1. A print sensor, comprising:

a swipe sensor array that includes a number of sensor elements arranged in at least two columns with a gap separating each adjacent column and each sensor element in each adjacent column,

wherein, when scanning, a user swipes a print perpendicular to said at least two columns, each gap in a first column is overlapped by the sensor elements in the adjacent column, and

wherein each sensor element generates signals related to a portion of a print when the print is positioned adjacent a top portion of the sensor element.

2. The print sensor of claim 1, wherein each sensor element is a silicon-based capacitive semiconductor chip.

3. The print sensor of claim 1, wherein the swipe sensor array lays in a plastic matrix.

4. The print sensor of claim 3, wherein the plastic matrix is selected from the group consisting of a polymeric, polycarbonate, polyvinylchloride (PVC), polyester (PET), or similar material.

5. The print sensor of claim 3, wherein the plastic matrix provides the gap separating each adjacent column and each sensor element in each adjacent column.

6. The print sensor of claim 3, each sensor element further comprising a reinforcing layer attached to a bottom portion of each sensor element.

7. The print sensor of claim 3, wherein the reinforcing layer is a thin layer of at least one rigid material selected from the group consisting of aluminum plate, stainless steel, titanium, or other lightweight rigid material.

8. The print sensor of claim 3, wherein the plastic matrix is of standard credit card size and thickness.

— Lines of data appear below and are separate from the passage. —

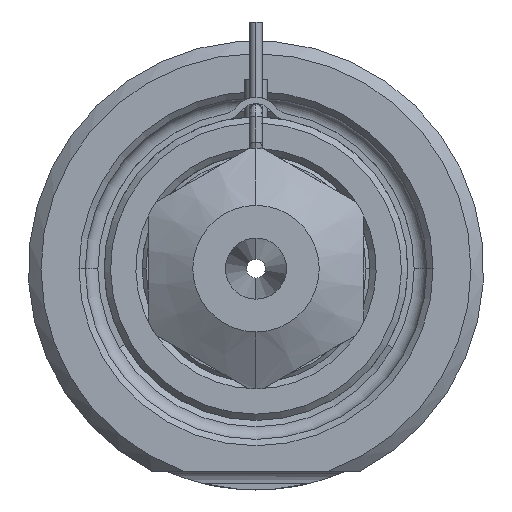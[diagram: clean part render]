
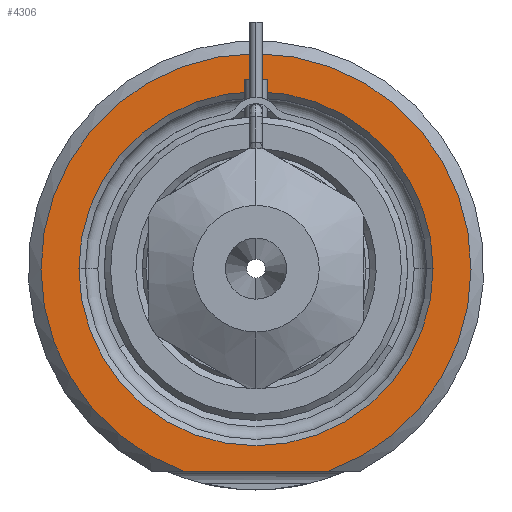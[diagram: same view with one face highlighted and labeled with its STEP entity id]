
A CAD part, front view. The second image highlights one B-rep face of the part: STEP entity #4306.
In plain terms, the highlighted planar face has unit normal (0, -1, 0).
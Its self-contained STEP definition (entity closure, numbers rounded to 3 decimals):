
#1368=CARTESIAN_POINT('',(0.,0.,0.));
#1369=DIRECTION('',(0.,-1.,0.));
#1370=DIRECTION('',(0.338,0.,-0.941));
#1371=AXIS2_PLACEMENT_3D('',#1368,#1369,#1370);
#1392=DIRECTION('',(1.,0.,0.));
#1393=VECTOR('',#1392,11.489);
#1394=CARTESIAN_POINT('',(-5.745,0.,-16.));
#1395=LINE('',#1394,#1393);
#1396=CARTESIAN_POINT('',(0.,0.,0.));
#1397=DIRECTION('',(0.,1.,0.));
#1398=DIRECTION('',(-1.,0.,0.));
#1399=AXIS2_PLACEMENT_3D('',#1396,#1397,#1398);
#1401=CARTESIAN_POINT('',(0.,0.,0.));
#1402=DIRECTION('',(0.,1.,0.));
#1403=DIRECTION('',(1.,0.,0.));
#1404=AXIS2_PLACEMENT_3D('',#1401,#1402,#1403);
#2305=CARTESIAN_POINT('',(-14.,0.,0.));
#2306=CARTESIAN_POINT('',(14.,0.,0.));
#2307=VERTEX_POINT('',#2305);
#2308=VERTEX_POINT('',#2306);
#2345=CARTESIAN_POINT('',(-5.745,0.,-16.));
#2346=CARTESIAN_POINT('',(5.745,0.,-16.));
#2347=VERTEX_POINT('',#2345);
#2348=VERTEX_POINT('',#2346);
#4291=CARTESIAN_POINT('',(0.,0.,0.));
#4292=DIRECTION('',(0.,-1.,0.));
#4293=DIRECTION('',(1.,0.,0.));
#4294=AXIS2_PLACEMENT_3D('',#4291,#4292,#4293);
#4295=PLANE('',#4294);
#4296=ORIENTED_EDGE('',*,*,#4223,.F.);
#4297=ORIENTED_EDGE('',*,*,#4283,.F.);
#4298=EDGE_LOOP('',(#4296,#4297));
#4299=FACE_OUTER_BOUND('',#4298,.F.);
#4301=ORIENTED_EDGE('',*,*,#4300,.F.);
#4303=ORIENTED_EDGE('',*,*,#4302,.F.);
#4304=EDGE_LOOP('',(#4301,#4303));
#4305=FACE_BOUND('',#4304,.F.);
#4306=ADVANCED_FACE('',(#4299,#4305),#4295,.T.);
#1372=CIRCLE('',#1371,17.);
#1400=CIRCLE('',#1399,14.);
#1405=CIRCLE('',#1404,14.);
#4223=EDGE_CURVE('',#2347,#2348,#1395,.T.);
#4283=EDGE_CURVE('',#2348,#2347,#1372,.T.);
#4300=EDGE_CURVE('',#2307,#2308,#1400,.T.);
#4302=EDGE_CURVE('',#2308,#2307,#1405,.T.);

9. The print sensor of claim 1, wherein the print includes prints from any digit or area, such as a finger, thumb, palm, toe, and the like, capable of producing a unique print.

10. A computing device, comprising:

a processor;

a memory disposed in communication with the processor;

a swipe sensor array disposed in communication with the processor, the sensor array including a number of sensor elements arranged in at least two columns with a gap separating each adjacent column and each sensor element in each adjacent column,

11. The computing device of claim 10, wherein each sensor element is a silicon-based capacitive semiconductor chip.

12. The computing device of claim 10, wherein the swipe sensor array lays in a plastic matrix.

13. The computing device of claim 12, wherein the plastic matrix is selected from the group consisting of a polymeric, polycarbonate, polyvinylchloride (PVC), polyester (PET), or similar material.

14. The computing device of claim 12, wherein the plastic matrix provides the gap separating each adjacent column and each sensor element in each adjacent column.

15. The computing device of claim 12, each sensor element further comprising a reinforcing layer attached to a bottom portion of each sensor element.

16. The computing device of claim 12, wherein the reinforcing layer is a thin layer of at least one rigid material selected from the group consisting of aluminum plate, stainless steel, titanium, or other lightweight rigid material.

17. The computing device of claim 12, wherein the plastic matrix is of standard credit card size and thickness.

18. The computing device of claim 10, wherein the print includes prints from any digit or area, such as a finger, thumb, palm, toe, and the like, capable of producing a unique print.

19. A method of capturing a print image, comprising:

providing a number of sensor elements arranged in at least two columns with a gap separating each adjacent column and each sensor element in each adjacent column,

generating signals from each sensor element related to a portion of the print when the print is positioned adjacent a top portion of the sensor element,

wherein, when scanning, a user swipes a print perpendicular to said at least two columns, each gap in a first column is overlapped by the sensor elements in the adjacent column.

20. The method of claim 17, further comprising attaching a reinforcing layer to the bottom portion of each sensor element.